> [TASK TO CARRY OUT] Please reproduce, exactly and with nothing else, every line from the one containing "Its self-contained STEP" through the last line of the records below.

> [LISTED ENTRIES]
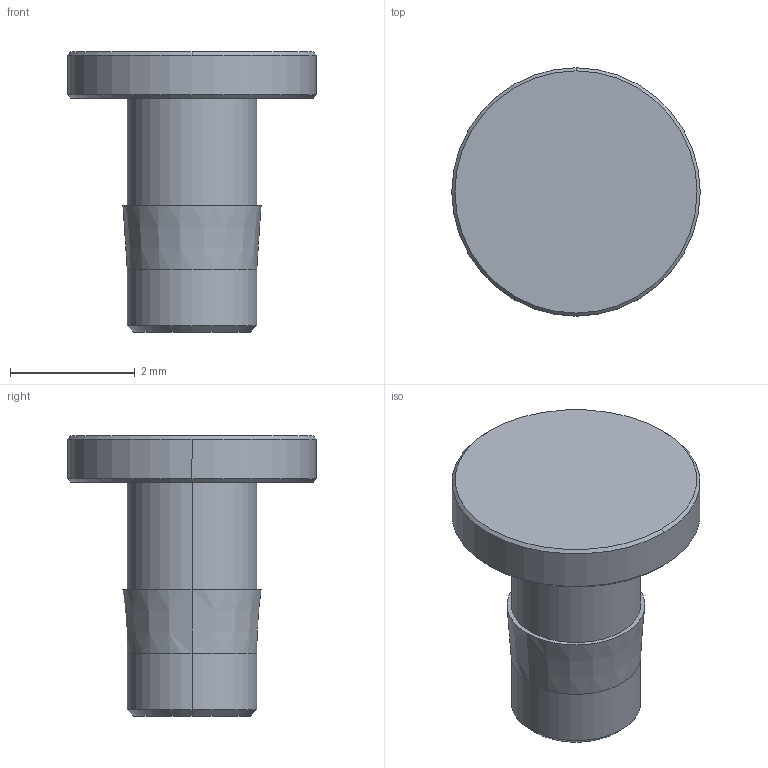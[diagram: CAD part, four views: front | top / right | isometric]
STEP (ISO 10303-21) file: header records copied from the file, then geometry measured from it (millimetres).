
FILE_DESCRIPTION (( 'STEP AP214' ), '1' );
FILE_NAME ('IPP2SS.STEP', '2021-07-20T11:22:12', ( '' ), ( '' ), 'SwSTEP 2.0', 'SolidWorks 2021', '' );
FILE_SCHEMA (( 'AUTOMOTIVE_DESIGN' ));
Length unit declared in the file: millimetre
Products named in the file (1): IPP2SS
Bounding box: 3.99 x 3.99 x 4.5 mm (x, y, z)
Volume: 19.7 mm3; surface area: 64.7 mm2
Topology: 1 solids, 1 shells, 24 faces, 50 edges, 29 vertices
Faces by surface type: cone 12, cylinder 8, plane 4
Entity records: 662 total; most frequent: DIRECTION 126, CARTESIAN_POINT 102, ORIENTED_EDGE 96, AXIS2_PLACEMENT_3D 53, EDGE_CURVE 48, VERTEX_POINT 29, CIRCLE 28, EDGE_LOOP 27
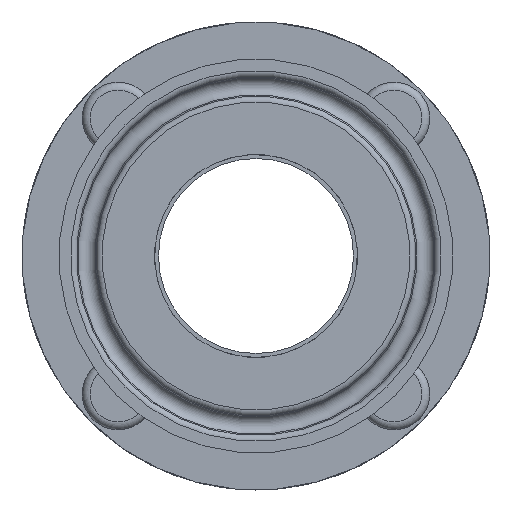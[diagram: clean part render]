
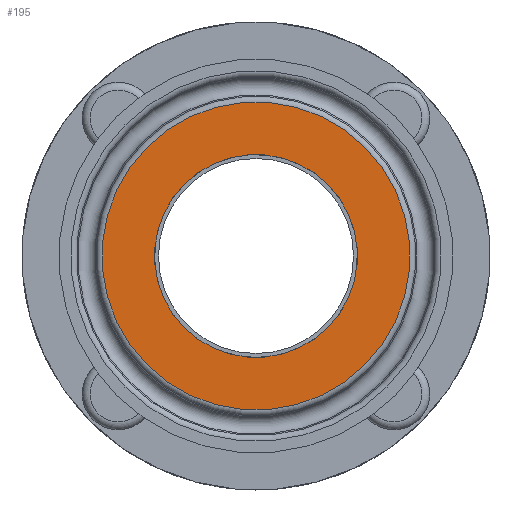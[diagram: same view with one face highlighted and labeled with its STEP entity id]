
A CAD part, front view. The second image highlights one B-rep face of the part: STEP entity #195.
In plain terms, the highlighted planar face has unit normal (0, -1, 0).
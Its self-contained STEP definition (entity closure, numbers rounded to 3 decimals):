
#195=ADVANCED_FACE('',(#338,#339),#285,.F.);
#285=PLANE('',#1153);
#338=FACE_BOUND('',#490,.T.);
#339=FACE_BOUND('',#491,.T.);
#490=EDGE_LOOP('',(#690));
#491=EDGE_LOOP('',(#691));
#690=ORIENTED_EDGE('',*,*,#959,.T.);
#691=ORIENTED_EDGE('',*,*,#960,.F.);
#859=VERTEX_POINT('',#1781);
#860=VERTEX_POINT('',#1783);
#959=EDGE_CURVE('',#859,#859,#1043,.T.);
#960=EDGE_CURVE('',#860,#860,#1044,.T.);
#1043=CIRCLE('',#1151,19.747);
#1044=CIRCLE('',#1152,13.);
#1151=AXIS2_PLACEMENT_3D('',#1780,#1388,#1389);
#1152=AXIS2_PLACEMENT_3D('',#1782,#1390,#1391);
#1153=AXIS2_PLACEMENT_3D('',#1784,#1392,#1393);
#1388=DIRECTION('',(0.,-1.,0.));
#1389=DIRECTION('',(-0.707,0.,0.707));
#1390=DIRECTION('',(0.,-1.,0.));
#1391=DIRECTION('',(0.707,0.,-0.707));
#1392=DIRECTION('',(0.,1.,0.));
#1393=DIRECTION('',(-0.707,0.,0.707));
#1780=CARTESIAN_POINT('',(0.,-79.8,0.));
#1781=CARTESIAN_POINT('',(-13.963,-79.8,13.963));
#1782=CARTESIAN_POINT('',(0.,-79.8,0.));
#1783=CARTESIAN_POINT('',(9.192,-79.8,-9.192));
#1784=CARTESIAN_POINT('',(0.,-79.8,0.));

> [YOUR SOLUTION]
Its self-contained STEP definition (entity closure, numbers rounded to 3 decimals):
#195=ADVANCED_FACE('',(#338,#339),#285,.F.);
#285=PLANE('',#1153);
#338=FACE_BOUND('',#490,.T.);
#339=FACE_BOUND('',#491,.T.);
#490=EDGE_LOOP('',(#690));
#491=EDGE_LOOP('',(#691));
#690=ORIENTED_EDGE('',*,*,#959,.T.);
#691=ORIENTED_EDGE('',*,*,#960,.F.);
#859=VERTEX_POINT('',#1781);
#860=VERTEX_POINT('',#1783);
#959=EDGE_CURVE('',#859,#859,#1043,.T.);
#960=EDGE_CURVE('',#860,#860,#1044,.T.);
#1043=CIRCLE('',#1151,19.747);
#1044=CIRCLE('',#1152,13.);
#1151=AXIS2_PLACEMENT_3D('',#1780,#1388,#1389);
#1152=AXIS2_PLACEMENT_3D('',#1782,#1390,#1391);
#1153=AXIS2_PLACEMENT_3D('',#1784,#1392,#1393);
#1388=DIRECTION('',(0.,-1.,0.));
#1389=DIRECTION('',(-0.707,0.,0.707));
#1390=DIRECTION('',(0.,-1.,0.));
#1391=DIRECTION('',(0.707,0.,-0.707));
#1392=DIRECTION('',(0.,1.,0.));
#1393=DIRECTION('',(-0.707,0.,0.707));
#1780=CARTESIAN_POINT('',(0.,-79.8,0.));
#1781=CARTESIAN_POINT('',(-13.963,-79.8,13.963));
#1782=CARTESIAN_POINT('',(0.,-79.8,0.));
#1783=CARTESIAN_POINT('',(9.192,-79.8,-9.192));
#1784=CARTESIAN_POINT('',(0.,-79.8,0.));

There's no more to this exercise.